■ DIRECTIONS FOR THIS TASK ■
Report, word for word, every line of the material that contains "shells".

■ RECORDED DATA ■
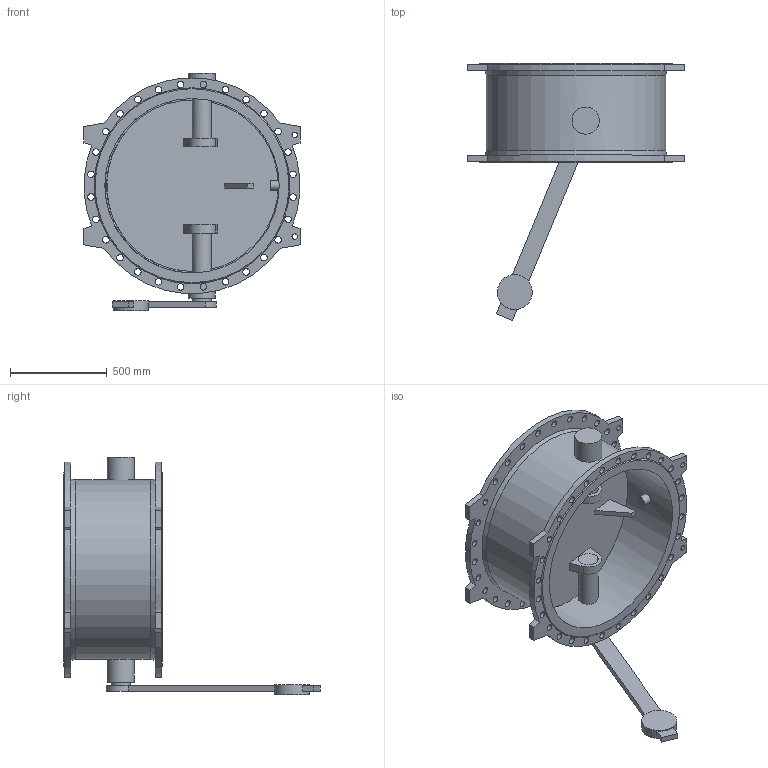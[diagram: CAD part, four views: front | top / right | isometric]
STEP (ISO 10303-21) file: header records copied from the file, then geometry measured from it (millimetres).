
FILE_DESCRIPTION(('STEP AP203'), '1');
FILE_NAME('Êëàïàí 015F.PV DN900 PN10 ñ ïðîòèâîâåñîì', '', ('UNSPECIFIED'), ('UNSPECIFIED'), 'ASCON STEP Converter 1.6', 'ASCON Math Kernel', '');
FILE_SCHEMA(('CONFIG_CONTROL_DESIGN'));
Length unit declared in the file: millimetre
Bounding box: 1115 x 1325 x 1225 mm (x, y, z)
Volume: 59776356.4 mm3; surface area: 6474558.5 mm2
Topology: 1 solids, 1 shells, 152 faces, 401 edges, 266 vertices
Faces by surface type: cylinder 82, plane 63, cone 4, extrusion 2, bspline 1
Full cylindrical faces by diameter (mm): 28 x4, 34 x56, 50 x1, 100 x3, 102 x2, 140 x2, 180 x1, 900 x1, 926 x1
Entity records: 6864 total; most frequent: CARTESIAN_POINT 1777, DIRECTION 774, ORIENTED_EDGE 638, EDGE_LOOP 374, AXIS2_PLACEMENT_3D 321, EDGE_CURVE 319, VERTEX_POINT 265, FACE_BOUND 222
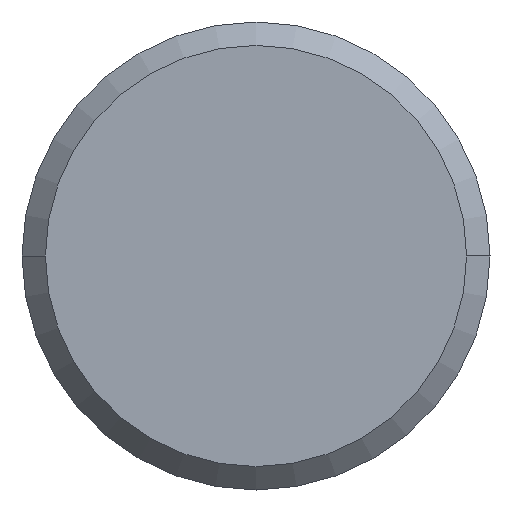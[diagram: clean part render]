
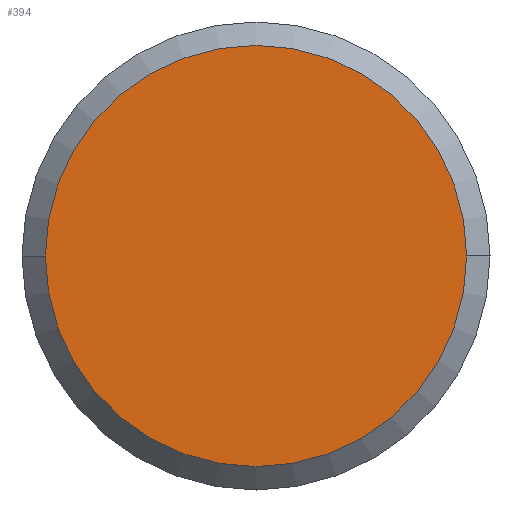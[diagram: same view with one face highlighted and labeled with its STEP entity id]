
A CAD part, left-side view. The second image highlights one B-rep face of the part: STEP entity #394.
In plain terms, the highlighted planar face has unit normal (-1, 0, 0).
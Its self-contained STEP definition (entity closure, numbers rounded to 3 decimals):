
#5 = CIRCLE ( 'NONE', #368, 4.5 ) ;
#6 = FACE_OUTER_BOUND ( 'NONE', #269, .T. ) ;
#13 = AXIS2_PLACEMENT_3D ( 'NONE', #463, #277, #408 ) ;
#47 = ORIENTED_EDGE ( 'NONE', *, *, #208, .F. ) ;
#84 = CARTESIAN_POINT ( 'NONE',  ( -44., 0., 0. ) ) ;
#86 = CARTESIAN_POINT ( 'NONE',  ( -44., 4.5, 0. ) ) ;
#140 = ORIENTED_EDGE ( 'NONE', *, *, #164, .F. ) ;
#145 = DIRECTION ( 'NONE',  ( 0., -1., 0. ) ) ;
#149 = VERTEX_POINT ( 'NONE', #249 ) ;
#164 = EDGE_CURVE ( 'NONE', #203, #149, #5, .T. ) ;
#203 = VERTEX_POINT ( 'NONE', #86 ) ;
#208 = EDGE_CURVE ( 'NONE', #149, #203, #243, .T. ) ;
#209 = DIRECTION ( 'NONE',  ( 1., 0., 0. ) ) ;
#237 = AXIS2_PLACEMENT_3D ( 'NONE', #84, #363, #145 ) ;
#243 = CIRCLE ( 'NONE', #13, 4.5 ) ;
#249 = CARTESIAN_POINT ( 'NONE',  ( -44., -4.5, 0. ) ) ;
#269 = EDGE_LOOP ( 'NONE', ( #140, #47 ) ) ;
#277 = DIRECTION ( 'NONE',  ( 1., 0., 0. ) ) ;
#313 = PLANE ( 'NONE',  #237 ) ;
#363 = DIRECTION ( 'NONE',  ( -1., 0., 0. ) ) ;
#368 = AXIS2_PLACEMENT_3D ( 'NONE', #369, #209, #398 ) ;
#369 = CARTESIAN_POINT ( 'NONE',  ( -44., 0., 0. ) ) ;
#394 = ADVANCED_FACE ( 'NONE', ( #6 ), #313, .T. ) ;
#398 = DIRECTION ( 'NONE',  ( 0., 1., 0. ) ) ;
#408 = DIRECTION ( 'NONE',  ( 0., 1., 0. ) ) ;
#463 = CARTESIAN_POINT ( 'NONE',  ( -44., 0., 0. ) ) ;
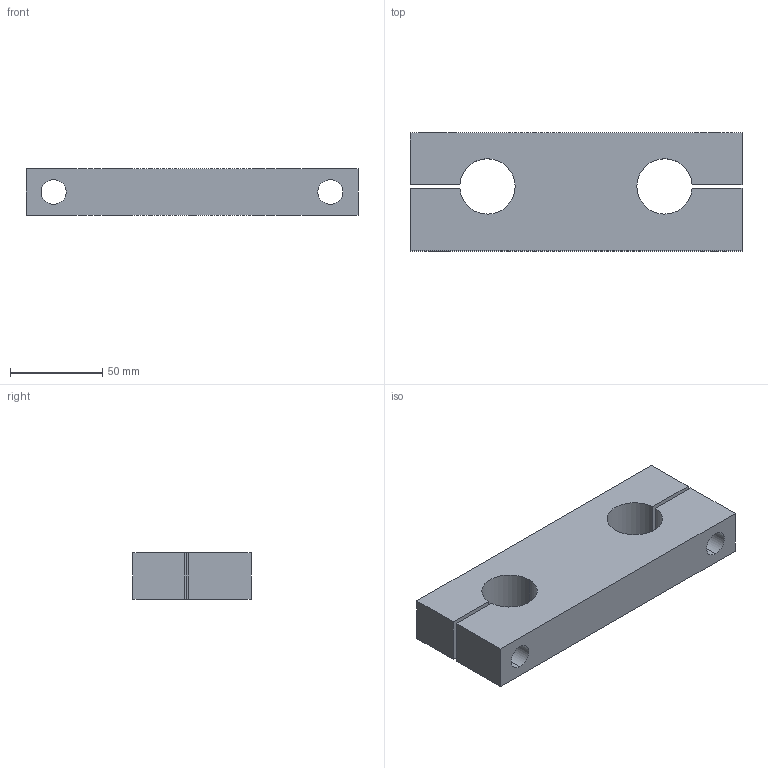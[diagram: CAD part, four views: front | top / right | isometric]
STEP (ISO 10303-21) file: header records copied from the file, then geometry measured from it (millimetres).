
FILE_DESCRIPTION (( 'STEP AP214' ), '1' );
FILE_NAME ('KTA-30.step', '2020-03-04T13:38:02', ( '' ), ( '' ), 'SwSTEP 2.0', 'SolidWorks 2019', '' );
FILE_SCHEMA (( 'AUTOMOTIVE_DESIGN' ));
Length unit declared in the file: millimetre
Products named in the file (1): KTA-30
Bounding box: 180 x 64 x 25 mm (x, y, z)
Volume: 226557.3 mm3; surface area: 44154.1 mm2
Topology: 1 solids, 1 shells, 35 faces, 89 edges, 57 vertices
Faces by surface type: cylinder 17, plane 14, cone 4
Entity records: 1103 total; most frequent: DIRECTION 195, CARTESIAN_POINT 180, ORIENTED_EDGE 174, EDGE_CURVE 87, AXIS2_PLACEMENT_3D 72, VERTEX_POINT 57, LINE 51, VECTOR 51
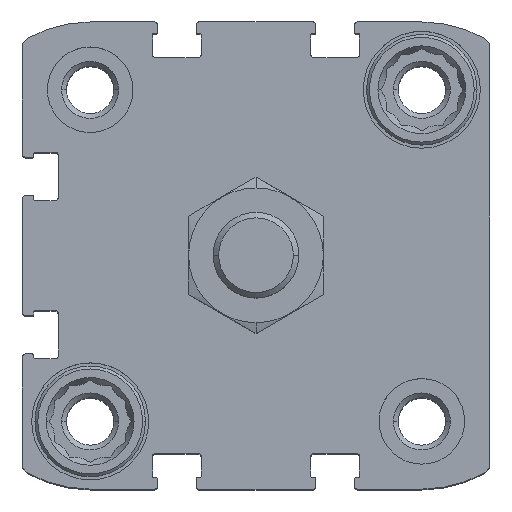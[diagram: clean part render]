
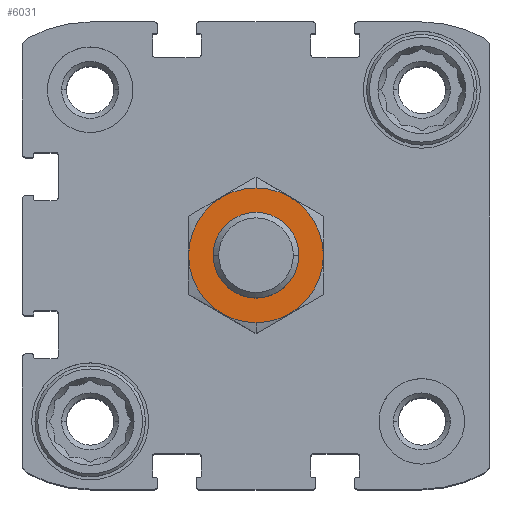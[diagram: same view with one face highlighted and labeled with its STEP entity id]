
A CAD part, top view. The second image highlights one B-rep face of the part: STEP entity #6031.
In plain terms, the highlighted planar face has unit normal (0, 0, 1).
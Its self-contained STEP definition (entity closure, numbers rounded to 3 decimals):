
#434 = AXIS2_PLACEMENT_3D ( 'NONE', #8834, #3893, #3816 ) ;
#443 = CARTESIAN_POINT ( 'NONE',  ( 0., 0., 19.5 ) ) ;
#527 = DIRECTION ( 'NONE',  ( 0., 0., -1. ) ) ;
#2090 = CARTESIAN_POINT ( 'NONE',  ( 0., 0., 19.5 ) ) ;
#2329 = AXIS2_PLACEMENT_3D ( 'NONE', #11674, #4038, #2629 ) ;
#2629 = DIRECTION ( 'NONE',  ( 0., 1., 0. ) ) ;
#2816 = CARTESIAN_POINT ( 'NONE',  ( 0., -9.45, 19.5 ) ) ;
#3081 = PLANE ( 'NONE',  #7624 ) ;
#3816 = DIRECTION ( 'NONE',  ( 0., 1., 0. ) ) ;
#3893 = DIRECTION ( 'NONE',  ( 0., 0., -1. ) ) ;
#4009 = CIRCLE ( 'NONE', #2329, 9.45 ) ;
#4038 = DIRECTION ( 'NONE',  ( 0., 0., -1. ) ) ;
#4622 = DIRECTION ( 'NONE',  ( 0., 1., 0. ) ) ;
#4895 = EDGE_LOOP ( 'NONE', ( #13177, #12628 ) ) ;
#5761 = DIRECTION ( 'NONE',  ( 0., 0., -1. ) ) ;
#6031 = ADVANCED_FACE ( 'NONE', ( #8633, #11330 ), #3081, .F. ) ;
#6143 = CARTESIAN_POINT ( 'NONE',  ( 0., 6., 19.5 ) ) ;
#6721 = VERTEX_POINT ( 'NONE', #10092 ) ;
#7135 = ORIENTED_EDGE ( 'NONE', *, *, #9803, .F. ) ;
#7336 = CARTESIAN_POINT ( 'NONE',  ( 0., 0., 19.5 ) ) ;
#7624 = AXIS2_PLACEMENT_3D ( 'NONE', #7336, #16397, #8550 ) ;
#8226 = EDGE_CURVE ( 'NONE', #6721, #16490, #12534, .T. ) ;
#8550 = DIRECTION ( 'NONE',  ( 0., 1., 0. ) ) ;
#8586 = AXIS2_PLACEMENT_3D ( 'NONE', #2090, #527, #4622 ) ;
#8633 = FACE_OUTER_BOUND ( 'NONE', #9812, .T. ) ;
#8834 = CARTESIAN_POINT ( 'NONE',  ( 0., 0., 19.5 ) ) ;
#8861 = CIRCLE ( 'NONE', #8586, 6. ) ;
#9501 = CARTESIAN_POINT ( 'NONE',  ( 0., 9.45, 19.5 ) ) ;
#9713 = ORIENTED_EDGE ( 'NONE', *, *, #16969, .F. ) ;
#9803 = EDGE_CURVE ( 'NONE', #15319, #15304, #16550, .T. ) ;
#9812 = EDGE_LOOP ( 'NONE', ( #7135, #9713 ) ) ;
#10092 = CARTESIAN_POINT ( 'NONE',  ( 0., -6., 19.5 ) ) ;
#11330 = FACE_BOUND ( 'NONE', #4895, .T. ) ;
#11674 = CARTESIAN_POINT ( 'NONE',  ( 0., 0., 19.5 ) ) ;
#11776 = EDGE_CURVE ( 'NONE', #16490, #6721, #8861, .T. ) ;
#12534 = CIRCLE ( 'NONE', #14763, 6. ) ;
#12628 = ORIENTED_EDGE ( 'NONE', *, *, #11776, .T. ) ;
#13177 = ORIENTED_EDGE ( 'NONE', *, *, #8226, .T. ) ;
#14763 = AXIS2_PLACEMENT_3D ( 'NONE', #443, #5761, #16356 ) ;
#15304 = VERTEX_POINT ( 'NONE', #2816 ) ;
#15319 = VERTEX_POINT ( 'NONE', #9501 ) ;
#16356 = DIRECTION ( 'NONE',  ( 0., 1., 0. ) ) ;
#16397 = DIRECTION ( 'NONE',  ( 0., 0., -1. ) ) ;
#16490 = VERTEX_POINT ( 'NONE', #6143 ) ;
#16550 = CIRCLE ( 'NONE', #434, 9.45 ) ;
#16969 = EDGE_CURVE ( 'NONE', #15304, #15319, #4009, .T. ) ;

■ SOLUTION TO THE PROBLEM ■
Topology: 1 solids, 1 shells, 152 faces, 401 edges, 266 vertices
Topology: 1 solids, 1 shells, 35 faces, 89 edges, 57 vertices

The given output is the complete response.